I'm definitely interested in what others think on this topic!

Thanks again,
Liz


On 2013/09/07 16:09, Walls, Jeffrey Joel (HP Converged Cloud - Cloud OS) wrote:
One issue I have is that the panels are physically grouped and it’s very 
difficult to logically re-group them.  For example, the Project dashboard 
explicitly lists the panel groups and the order of those panel groups.  Within 
each panel group, the individual panels are also explicitly listed.  What I 
would like to do is arrange the panels more logically without affecting the 
physical structure of the files or the order in the panel specification.

You could think of “Deployment” as a “section” under the Project dashboard tab. 
 In this “section”, I’d want to see things related to the actual deployment of 
virtual machines (e.g., Instances, Snapshots, Networks, Routers, etc).  I was 
beginning to tackle this in our code base and was planning to use some sort of 
accordion-type widget.  My thinking was that there would be “a few” (probably 
no more than 4) “sections” under the Project tab.  Each “section” would have 
elements within it that logically mapped to that section.

I think this is a great discussion and I’m very interested to hear where others 
are headed with their thinking, so thank you for getting it started!

Jeff

From: Jaromir Coufal [mailto:jcou...@redhat.com]
Sent: Tuesday, July 09, 2013 6:38 AM
To: OpenStack Development Mailing List
Subject: [openstack-dev] [Horizon] Navigation UX Enhancements - Collecting 
Issues

Hi everybody,

in UX community group on G+ popped out a need for enhancing user experience of 
main navigation, because there are spreading out various issues .

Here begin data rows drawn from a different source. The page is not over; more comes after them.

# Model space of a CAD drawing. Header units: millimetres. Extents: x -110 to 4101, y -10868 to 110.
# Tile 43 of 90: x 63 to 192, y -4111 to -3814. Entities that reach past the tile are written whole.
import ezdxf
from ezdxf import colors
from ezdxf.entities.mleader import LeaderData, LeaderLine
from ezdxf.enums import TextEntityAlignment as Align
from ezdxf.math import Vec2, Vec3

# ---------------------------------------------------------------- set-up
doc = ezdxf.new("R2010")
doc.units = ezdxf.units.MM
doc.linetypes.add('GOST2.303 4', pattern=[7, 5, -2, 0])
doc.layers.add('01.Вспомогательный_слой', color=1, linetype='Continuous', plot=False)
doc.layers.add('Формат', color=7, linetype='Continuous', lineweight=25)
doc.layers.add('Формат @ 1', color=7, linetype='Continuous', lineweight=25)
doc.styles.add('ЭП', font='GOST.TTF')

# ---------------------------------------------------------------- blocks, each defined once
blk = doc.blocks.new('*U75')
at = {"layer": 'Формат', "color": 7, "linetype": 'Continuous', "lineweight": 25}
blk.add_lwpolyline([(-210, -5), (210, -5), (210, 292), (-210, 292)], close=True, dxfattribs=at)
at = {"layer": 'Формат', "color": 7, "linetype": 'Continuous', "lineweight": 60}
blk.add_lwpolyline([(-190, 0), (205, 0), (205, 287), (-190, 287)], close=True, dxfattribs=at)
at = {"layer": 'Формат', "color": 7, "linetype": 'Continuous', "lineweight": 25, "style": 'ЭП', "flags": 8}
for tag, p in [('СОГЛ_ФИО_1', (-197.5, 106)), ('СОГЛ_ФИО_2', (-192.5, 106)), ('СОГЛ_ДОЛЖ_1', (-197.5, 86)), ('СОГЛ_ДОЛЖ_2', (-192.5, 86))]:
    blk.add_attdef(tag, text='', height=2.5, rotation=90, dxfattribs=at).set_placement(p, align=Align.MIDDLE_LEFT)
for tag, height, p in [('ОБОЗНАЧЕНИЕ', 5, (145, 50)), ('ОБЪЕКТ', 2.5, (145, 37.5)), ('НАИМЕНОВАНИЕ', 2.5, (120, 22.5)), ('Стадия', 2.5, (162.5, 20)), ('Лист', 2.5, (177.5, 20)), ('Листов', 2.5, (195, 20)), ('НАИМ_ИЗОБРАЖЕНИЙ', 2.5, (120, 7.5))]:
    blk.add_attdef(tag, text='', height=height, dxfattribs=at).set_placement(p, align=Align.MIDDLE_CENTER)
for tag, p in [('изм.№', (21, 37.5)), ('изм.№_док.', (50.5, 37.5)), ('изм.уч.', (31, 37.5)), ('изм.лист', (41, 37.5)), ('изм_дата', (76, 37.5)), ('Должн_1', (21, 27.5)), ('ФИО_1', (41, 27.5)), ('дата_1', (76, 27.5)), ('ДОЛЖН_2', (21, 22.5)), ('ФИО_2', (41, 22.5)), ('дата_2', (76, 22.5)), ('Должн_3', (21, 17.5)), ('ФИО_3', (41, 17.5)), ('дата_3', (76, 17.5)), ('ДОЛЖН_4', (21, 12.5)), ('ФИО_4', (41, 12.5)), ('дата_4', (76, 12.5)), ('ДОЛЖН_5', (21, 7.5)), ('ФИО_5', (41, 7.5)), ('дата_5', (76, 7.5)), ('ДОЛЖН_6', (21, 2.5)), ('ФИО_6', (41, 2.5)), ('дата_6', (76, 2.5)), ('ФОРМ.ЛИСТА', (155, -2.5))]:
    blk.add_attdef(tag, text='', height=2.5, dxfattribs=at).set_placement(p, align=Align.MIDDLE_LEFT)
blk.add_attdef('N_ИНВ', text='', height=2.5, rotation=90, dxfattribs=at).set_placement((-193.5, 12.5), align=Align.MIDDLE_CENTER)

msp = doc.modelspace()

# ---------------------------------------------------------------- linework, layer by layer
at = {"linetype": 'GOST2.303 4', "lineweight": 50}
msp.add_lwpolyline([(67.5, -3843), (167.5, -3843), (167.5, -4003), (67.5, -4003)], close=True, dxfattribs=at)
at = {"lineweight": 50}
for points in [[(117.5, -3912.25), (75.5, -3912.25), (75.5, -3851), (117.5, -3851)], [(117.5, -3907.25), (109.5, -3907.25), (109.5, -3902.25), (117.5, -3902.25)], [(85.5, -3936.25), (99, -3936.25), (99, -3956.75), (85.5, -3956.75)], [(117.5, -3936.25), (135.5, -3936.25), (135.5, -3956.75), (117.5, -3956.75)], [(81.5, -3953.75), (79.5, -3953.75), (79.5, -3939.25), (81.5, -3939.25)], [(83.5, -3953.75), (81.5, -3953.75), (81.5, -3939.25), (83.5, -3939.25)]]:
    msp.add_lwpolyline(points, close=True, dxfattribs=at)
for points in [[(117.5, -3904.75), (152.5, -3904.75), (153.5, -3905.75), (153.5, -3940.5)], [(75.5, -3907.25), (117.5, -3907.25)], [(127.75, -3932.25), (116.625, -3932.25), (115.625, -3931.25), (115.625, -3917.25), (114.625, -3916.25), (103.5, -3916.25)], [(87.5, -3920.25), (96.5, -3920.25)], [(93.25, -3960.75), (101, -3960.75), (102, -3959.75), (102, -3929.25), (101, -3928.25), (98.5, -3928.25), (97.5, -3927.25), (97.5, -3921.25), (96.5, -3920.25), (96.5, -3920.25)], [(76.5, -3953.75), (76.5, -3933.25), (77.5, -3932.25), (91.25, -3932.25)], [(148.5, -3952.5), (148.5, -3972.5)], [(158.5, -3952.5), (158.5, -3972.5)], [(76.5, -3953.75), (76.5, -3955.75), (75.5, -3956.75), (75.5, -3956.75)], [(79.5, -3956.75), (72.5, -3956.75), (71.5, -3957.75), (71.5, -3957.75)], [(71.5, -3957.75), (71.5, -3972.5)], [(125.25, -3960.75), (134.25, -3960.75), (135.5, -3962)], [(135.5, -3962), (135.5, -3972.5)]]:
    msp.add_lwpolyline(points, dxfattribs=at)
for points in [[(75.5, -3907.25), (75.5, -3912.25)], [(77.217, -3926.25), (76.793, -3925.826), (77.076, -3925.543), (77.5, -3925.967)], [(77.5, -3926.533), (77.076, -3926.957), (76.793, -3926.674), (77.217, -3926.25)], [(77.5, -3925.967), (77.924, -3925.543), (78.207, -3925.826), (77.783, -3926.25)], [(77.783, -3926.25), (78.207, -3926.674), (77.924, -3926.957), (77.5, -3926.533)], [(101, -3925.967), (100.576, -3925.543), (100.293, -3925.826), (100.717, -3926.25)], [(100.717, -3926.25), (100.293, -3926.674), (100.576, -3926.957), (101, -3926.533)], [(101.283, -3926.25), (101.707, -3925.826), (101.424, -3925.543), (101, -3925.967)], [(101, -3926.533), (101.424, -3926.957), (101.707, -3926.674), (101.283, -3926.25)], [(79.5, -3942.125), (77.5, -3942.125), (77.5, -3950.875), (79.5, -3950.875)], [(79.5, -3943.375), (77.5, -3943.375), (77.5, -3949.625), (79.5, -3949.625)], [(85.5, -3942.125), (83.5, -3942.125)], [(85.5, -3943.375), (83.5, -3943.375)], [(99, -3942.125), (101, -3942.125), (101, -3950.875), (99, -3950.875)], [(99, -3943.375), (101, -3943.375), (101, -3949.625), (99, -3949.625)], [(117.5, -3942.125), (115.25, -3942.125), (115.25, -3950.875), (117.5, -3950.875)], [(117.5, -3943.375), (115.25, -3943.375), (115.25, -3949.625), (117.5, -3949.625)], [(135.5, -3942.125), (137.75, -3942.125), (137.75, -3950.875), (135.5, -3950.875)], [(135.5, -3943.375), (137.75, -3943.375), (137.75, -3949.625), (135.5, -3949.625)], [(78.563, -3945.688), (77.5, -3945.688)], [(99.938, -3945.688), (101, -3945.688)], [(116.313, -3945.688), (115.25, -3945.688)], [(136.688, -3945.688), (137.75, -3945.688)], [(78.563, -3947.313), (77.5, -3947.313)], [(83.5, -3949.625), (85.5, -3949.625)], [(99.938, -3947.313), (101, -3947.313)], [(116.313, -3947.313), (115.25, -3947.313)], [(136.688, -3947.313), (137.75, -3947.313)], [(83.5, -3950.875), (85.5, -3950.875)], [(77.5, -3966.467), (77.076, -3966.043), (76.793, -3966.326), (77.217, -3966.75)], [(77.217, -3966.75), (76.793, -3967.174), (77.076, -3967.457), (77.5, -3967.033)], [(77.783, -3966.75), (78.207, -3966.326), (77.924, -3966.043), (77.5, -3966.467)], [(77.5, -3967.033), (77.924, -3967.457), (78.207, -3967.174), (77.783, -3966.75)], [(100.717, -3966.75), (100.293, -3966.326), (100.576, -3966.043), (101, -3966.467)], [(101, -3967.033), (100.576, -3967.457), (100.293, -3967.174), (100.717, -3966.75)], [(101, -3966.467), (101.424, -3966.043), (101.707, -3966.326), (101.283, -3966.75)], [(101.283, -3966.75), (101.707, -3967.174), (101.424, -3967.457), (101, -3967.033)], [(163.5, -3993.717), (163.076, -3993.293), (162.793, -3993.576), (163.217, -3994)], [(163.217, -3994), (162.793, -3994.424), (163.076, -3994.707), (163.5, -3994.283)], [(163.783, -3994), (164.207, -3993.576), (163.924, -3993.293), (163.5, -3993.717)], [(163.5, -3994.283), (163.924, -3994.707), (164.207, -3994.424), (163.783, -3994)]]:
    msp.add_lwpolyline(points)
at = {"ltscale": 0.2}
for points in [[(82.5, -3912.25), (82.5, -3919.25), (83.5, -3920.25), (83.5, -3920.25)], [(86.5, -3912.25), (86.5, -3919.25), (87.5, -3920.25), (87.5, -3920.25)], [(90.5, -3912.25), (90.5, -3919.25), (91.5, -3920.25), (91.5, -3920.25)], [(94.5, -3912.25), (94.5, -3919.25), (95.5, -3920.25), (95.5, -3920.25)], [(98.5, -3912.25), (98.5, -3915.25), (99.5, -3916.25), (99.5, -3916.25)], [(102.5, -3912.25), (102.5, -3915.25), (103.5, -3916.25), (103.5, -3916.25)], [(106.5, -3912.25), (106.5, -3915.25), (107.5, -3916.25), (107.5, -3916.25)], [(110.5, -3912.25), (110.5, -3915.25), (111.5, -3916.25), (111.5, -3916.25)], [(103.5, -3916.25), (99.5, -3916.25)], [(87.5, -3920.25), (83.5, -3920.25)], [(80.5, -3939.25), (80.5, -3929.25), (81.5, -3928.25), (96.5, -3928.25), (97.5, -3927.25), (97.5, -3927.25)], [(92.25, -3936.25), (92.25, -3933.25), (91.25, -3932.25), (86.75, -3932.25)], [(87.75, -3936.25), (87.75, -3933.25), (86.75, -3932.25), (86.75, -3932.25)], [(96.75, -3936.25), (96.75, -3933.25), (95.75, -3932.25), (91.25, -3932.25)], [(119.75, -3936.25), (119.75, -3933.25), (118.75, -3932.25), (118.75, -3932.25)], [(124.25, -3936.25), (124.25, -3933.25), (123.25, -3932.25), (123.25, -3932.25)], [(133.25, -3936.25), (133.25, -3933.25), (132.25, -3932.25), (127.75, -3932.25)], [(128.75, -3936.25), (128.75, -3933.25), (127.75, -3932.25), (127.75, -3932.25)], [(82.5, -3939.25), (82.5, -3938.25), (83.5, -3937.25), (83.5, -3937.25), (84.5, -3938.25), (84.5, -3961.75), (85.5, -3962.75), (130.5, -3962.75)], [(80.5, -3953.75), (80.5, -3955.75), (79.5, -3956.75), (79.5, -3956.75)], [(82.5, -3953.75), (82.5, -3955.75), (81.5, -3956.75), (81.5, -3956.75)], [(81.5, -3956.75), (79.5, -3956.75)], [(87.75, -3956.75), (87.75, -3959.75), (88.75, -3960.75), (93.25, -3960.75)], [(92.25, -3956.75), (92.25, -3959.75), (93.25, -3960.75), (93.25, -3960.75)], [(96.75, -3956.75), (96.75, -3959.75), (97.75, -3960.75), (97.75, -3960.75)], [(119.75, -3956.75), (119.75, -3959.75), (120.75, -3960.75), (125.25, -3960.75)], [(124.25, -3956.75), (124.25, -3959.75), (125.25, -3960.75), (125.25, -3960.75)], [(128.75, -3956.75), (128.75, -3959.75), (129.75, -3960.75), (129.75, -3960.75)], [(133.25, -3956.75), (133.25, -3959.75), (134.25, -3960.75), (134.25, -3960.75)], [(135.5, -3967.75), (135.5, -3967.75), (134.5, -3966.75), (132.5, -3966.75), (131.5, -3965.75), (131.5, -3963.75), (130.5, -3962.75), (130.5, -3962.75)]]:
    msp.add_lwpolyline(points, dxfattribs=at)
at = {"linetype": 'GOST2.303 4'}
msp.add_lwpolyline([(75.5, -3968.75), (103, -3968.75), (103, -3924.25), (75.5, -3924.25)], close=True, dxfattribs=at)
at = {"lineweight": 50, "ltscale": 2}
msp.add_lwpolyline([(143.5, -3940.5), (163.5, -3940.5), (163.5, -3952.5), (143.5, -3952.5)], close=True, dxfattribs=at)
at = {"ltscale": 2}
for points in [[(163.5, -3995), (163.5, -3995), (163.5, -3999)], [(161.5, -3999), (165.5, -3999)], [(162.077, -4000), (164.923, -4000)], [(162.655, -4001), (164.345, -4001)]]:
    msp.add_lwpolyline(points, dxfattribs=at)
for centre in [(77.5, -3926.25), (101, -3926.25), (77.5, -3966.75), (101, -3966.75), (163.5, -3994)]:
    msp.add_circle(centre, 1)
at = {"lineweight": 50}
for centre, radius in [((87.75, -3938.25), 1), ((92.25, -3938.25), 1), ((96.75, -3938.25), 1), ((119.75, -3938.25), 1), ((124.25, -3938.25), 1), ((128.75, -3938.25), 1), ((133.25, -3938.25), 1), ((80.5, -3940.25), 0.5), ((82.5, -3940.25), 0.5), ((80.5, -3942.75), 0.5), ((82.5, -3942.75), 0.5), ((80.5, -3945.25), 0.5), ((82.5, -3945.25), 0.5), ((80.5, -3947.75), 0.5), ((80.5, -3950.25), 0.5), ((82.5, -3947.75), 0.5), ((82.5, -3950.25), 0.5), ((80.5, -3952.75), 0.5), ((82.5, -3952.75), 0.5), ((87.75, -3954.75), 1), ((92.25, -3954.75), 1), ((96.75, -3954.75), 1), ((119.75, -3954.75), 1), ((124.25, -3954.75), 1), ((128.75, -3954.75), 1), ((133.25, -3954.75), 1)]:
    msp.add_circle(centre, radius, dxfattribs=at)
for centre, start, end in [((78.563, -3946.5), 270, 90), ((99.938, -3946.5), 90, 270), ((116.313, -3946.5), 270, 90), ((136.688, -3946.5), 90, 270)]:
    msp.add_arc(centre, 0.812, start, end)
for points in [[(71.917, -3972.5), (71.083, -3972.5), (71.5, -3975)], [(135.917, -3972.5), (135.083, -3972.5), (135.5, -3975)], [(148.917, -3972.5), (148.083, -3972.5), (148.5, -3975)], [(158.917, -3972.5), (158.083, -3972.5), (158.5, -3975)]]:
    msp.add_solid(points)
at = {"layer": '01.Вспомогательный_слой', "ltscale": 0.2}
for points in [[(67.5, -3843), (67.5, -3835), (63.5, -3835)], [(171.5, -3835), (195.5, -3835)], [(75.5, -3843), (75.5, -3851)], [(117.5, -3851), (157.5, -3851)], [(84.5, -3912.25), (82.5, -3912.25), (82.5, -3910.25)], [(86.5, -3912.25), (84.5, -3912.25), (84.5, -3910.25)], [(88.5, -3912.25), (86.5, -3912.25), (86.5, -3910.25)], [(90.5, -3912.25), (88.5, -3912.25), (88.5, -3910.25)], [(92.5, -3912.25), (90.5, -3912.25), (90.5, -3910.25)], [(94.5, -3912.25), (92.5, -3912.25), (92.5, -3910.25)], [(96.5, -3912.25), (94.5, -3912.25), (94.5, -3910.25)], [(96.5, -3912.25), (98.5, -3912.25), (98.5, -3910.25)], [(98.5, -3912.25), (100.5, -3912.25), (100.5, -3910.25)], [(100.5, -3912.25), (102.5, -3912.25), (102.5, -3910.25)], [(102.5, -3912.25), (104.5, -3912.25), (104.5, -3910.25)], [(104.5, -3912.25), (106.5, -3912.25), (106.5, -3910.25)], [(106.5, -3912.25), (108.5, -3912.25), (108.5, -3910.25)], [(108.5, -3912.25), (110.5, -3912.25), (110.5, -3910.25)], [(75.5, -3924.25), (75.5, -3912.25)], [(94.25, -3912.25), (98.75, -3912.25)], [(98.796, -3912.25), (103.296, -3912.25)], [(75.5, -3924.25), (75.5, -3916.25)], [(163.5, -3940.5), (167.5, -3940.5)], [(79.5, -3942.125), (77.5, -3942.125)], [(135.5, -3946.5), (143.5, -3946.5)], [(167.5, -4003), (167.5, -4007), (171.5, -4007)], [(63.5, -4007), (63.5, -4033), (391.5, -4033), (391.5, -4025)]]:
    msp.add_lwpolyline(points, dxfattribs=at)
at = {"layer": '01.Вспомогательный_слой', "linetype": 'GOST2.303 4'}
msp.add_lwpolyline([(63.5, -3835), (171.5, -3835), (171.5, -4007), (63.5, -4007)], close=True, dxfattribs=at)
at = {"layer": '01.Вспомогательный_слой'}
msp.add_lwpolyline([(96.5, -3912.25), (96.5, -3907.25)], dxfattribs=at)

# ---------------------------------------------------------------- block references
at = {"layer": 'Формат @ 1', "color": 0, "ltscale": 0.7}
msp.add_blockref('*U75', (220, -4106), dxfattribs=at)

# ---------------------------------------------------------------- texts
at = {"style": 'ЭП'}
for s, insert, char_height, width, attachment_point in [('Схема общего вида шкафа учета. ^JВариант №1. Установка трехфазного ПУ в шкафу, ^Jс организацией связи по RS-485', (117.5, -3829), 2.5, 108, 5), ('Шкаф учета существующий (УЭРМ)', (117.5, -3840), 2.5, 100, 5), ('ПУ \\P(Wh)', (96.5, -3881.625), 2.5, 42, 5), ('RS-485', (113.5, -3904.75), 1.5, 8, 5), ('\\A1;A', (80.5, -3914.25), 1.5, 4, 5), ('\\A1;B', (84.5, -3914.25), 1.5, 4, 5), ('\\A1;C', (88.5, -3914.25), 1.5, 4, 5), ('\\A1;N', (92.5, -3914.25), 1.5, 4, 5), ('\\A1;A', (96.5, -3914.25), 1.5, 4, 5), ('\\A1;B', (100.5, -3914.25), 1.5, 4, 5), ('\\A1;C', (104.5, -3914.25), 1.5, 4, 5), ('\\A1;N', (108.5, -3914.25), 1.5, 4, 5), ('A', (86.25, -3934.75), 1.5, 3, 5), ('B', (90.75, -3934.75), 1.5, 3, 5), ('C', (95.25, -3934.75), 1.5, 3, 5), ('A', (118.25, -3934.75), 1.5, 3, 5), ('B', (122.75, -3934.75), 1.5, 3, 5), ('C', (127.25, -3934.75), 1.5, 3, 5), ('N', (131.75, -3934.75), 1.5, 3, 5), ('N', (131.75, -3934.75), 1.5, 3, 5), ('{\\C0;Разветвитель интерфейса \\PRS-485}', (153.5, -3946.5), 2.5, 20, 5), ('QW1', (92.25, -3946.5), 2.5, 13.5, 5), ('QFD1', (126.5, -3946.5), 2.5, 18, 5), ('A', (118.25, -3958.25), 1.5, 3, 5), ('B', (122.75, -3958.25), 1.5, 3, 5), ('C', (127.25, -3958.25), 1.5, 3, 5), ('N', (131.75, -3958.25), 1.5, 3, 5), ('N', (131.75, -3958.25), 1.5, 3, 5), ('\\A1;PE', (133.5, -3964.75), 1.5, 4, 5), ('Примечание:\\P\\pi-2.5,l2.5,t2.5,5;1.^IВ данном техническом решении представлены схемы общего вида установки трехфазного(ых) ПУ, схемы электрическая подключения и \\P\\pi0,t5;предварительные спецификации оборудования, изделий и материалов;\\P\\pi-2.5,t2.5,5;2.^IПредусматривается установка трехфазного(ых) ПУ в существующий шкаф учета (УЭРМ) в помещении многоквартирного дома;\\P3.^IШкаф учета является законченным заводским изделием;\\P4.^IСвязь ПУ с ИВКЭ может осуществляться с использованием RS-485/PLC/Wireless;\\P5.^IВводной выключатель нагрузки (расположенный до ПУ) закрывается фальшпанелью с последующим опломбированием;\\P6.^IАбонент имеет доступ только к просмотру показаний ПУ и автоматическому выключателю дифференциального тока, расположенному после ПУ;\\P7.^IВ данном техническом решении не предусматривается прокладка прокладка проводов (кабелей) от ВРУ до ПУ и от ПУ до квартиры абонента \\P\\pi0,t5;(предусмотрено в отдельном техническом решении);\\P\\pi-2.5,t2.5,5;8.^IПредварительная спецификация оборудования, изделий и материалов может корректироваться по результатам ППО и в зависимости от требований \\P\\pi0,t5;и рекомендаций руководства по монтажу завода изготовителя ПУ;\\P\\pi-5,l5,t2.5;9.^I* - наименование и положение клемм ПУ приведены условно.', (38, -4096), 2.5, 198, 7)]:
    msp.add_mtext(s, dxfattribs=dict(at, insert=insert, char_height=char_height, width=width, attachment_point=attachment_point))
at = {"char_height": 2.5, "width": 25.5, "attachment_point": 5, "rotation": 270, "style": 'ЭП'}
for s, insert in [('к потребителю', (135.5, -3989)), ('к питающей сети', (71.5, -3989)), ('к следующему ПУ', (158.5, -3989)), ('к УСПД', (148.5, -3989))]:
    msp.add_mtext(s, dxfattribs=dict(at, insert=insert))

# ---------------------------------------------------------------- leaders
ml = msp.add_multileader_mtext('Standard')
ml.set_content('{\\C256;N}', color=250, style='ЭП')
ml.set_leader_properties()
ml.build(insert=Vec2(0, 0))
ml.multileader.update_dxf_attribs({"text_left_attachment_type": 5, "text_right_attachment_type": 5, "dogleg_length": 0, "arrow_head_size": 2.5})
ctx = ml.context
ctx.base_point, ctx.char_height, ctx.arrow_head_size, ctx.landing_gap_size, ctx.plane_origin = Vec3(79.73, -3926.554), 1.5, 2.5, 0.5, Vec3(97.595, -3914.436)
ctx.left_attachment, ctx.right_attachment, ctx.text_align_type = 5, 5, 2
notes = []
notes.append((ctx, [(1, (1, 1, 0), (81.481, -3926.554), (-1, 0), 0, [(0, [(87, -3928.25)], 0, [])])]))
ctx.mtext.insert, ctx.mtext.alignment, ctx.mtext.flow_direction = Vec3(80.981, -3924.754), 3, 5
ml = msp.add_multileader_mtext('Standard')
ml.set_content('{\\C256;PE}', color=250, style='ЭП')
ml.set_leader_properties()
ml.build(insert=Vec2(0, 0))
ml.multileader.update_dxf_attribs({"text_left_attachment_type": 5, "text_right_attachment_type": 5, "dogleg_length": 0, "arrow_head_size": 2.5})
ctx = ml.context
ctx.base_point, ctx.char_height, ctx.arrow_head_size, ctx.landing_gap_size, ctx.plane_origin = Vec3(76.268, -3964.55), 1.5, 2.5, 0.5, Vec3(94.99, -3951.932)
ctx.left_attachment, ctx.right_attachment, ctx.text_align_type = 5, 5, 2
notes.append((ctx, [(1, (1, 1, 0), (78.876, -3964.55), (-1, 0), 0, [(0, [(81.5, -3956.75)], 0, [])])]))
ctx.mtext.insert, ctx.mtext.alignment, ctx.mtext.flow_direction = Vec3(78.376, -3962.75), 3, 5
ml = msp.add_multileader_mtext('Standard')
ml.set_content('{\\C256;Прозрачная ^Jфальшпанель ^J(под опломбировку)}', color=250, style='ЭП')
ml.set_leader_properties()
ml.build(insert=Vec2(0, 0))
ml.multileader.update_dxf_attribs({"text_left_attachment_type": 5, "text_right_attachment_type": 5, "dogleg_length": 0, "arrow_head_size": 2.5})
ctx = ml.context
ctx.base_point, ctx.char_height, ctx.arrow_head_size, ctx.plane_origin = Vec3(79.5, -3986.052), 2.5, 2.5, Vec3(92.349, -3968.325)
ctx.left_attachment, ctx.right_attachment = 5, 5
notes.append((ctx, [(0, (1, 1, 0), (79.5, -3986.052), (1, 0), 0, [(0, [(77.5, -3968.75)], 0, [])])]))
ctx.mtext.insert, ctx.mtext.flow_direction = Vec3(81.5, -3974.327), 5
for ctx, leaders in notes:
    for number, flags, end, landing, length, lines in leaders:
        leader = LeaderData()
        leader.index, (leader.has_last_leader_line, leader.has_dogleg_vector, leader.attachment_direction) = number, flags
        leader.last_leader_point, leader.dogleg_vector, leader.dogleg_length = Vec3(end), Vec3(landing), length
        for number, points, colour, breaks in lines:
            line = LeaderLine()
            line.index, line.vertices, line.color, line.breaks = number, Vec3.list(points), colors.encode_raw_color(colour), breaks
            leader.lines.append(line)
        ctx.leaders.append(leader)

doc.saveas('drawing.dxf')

There is already created a BP for this: 
https://blueprints.launchpad.net/horizon/+spec/navigation-enhancement

Toshi had great idea to start discussion about navigation issues on mailing 
list.

So I'd like to ask all of you, if you have some issues with navigation, what 
are the issues you are dealing with? I'd like to gather as much feedback as 
possible, so we can design the best solution which covers most of the cases. 
Issues will be listed in BP and I will try to come out with design proposals 
which hopefully will help all of you.

Examples are following:
* Navigation is not scaling for more dashboards (Project, Admin, ...)
* Each dashboard might contain different hierarchy (number of levels)

What problems do you experience with navigation?